The HBase reference guide includes a Getting Started guide and an FAQ. It's a live document, so you'll find user community comments attached to each entry. The HBase website

also provides links to the HBase Java API, as well as to videos and off-site sources of HBase information. More information can be found in the HBase wiki. While good, the HBase documentation is not quite on par with documentation I've seen on other database product sites, such as Cassandra and MongoDB. Nevertheless, there's plenty of material around the Internet, and the HBase community is large and active enough that any HBase questions won't go unanswered for long.
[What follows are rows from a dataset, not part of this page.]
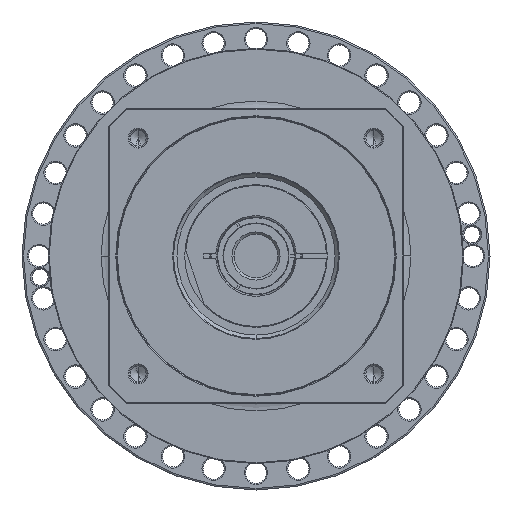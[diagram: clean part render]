
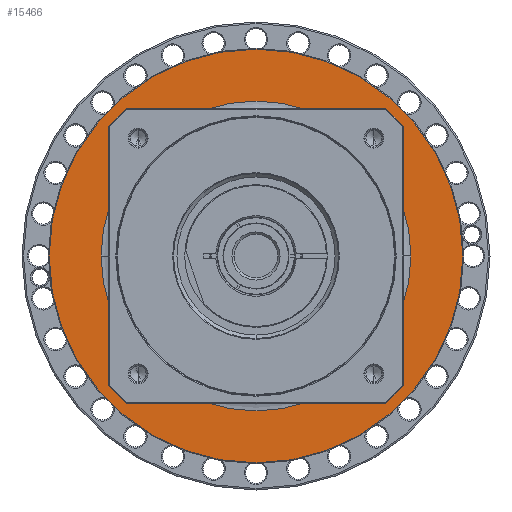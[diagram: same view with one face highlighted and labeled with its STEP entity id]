
A CAD part, left-side view. The second image highlights one B-rep face of the part: STEP entity #15466.
In plain terms, the highlighted planar face has unit normal (-1, 0, 0) as drawn and (1, 0, 0) by its records, which use the part's own axes.
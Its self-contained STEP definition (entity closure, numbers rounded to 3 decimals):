
#14945=CARTESIAN_POINT('',(-14.,0.,0.));
#14946=DIRECTION('',(-1.,0.,0.));
#14947=DIRECTION('',(0.,-1.,0.));
#14948=AXIS2_PLACEMENT_3D('',#14945,#14946,#14947);
#14950=CARTESIAN_POINT('',(-14.,0.,0.));
#14951=DIRECTION('',(-1.,0.,0.));
#14952=DIRECTION('',(0.,1.,0.));
#14953=AXIS2_PLACEMENT_3D('',#14950,#14951,#14952);
#14955=CARTESIAN_POINT('',(-14.,0.,0.));
#14956=DIRECTION('',(-1.,0.,0.));
#14957=DIRECTION('',(0.,-1.,0.));
#14958=AXIS2_PLACEMENT_3D('',#14955,#14956,#14957);
#14960=CARTESIAN_POINT('',(-14.,0.,0.));
#14961=DIRECTION('',(-1.,0.,0.));
#14962=DIRECTION('',(0.,1.,0.));
#14963=AXIS2_PLACEMENT_3D('',#14960,#14961,#14962);
#15029=CARTESIAN_POINT('',(-14.,-133.5,0.));
#15030=CARTESIAN_POINT('',(-14.,133.5,0.));
#15031=VERTEX_POINT('',#15029);
#15032=VERTEX_POINT('',#15030);
#15053=CARTESIAN_POINT('',(-14.,-100.,0.));
#15054=CARTESIAN_POINT('',(-14.,100.,0.));
#15055=VERTEX_POINT('',#15053);
#15056=VERTEX_POINT('',#15054);
#15451=CARTESIAN_POINT('',(-14.,0.,0.));
#15452=DIRECTION('',(1.,0.,0.));
#15453=DIRECTION('',(0.,-1.,0.));
#15454=AXIS2_PLACEMENT_3D('',#15451,#15452,#15453);
#15455=PLANE('',#15454);
#15456=ORIENTED_EDGE('',*,*,#15392,.T.);
#15457=ORIENTED_EDGE('',*,*,#15407,.T.);
#15458=EDGE_LOOP('',(#15456,#15457));
#15459=FACE_OUTER_BOUND('',#15458,.F.);
#15461=ORIENTED_EDGE('',*,*,#15460,.F.);
#15463=ORIENTED_EDGE('',*,*,#15462,.F.);
#15464=EDGE_LOOP('',(#15461,#15463));
#15465=FACE_BOUND('',#15464,.F.);
#15466=ADVANCED_FACE('',(#15459,#15465),#15455,.T.);
#14949=CIRCLE('',#14948,100.);
#14954=CIRCLE('',#14953,100.);
#14959=CIRCLE('',#14958,133.5);
#14964=CIRCLE('',#14963,133.5);
#15392=EDGE_CURVE('',#15031,#15032,#14959,.T.);
#15407=EDGE_CURVE('',#15032,#15031,#14964,.T.);
#15460=EDGE_CURVE('',#15055,#15056,#14949,.T.);
#15462=EDGE_CURVE('',#15056,#15055,#14954,.T.);
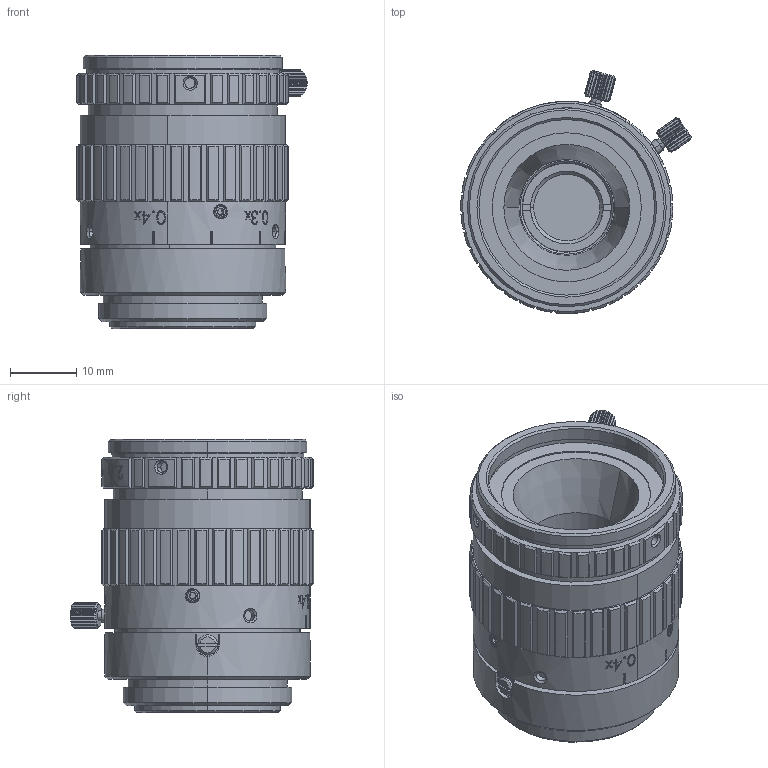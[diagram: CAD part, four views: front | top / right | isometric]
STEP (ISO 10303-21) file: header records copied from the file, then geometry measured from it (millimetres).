
FILE_DESCRIPTION (( 'STEP AP203' ), '1' );
FILE_NAME ('ML-MC25HR_A20964A0100101A-002.STEP', '2014-02-03T07:35:43', ( '' ), ( '' ), 'SwSTEP 2.0', 'SolidWorks 2011', '' );
FILE_SCHEMA (( 'CONFIG_CONTROL_DESIGN' ));
Length unit declared in the file: millimetre
Products named in the file (5): ML-MC25HR_A20964A0100101A-002; ML-MC25HR_A20964A0100101A-002_D_Default; ML-MC25HR_A20964A0100101A-002_C_Default; ML-MC25HR_A20964A0100101A-002_B_Default; ML-MC25HR_A20964A0100101A-002_A_Default
Assembly tree (4 placements, depth 2):
  ML-MC25HR_A20964A0100101A-002
    ML-MC25HR_A20964A0100101A-002_B_Default
    ML-MC25HR_A20964A0100101A-002_D_Default
    ML-MC25HR_A20964A0100101A-002_A_Default
    ML-MC25HR_A20964A0100101A-002_C_Default
Bounding box: 34.77 x 36.7 x 41.26 mm (x, y, z)
Volume: 23296.6 mm3; surface area: 16480.5 mm2
Topology: 4 solids, 4 shells, 1261 faces, 3449 edges, 2263 vertices
Faces by surface type: plane 468, cylinder 386, cone 216, bspline 178, torus 13
Entity records: 58802 total; most frequent: CARTESIAN_POINT 28833, ORIENTED_EDGE 6890, DIRECTION 5004, EDGE_CURVE 3445, VERTEX_POINT 2263, AXIS2_PLACEMENT_3D 1835, B_SPLINE_CURVE_WITH_KNOTS 1366, EDGE_LOOP 1358
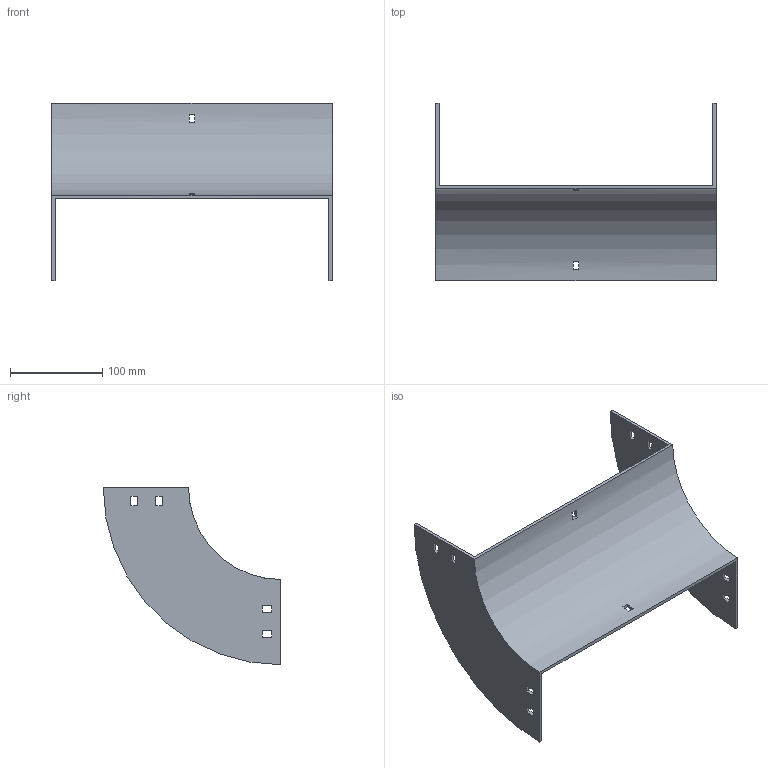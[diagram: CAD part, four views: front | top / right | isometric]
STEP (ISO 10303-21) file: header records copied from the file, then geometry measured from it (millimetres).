
FILE_DESCRIPTION (( 'STEP AP214' ), '1' );
FILE_NAME ('33B1I300.step', '2025-02-21T09:33:08', ( '' ), ( '' ), 'SwSTEP 2.0', 'SolidWorks 2023', '' );
FILE_SCHEMA (( 'AUTOMOTIVE_DESIGN' ));
Length unit declared in the file: millimetre
Products named in the file (1): 33B1I300
Bounding box: 304 x 192.5 x 192.5 mm (x, y, z)
Volume: 312516.1 mm3; surface area: 185224.1 mm2
Topology: 1 solids, 1 shells, 50 faces, 144 edges, 96 vertices
Faces by surface type: plane 46, cylinder 4
Entity records: 1687 total; most frequent: CARTESIAN_POINT 291, ORIENTED_EDGE 288, DIRECTION 262, EDGE_CURVE 144, LINE 128, VECTOR 128, VERTEX_POINT 96, EDGE_LOOP 70

One of HBase's more interesting recent additions is support for "coprocessors" -- user code that executes as part of the HBase RegionServer and Master processes. There are roughly two kinds of coprocessors: observers and endpoints. An observer is a user-written Java class that defines methods to be invoked when certain HBase events occur. Think of an observer as the HBase counterpart to the RDBMS trigger. One observer, called a RegionObserver, can hook specific points in the flow of control of data manipulation operations like get, put, and delete.

The HBase endpoint coprocessor works much like a stored procedure. When loaded it can be invoked from an observer, for example, and thereby permits adding new features to HBase dynamically. There are various ways to load coprocessors into an HBase cluster, including via the HBase shell.

Configuring a large HBase cluster can be difficult. An HBase cluster includes master nodes, RegionServer processes, HDFS processes, and an entire Zookeeper cluster running side by side. Clearly, troubleshooting a failure can be a complex undertaking, as there are numerous moving parts to be examined.

HBase is very much a developer-centric database. Its online reference guide is heavily linked into HBase's Java API docs. If you want to understand the role played by a particular HBase entity -- say, a Filter -- be prepared to be handed off to the Java API's documentation of the Filter class for a full explanation.

Given that access is by row and that rows are indexed by row keys, it follows that careful design of row key structure is critical for good performance. Ironically, programmers in the good old days of ISAM (Indexed Sequential Access Method) databases knew this well: Database access was all about the components -- and the ordering of those components -- in compound-key indexes.

HBase employs a collection of battle-tested technologies from the Hadoop world, and it's well worth consideration when building a large, scalable, highly available, distributed database, particularly for those applications where strong consistency is important.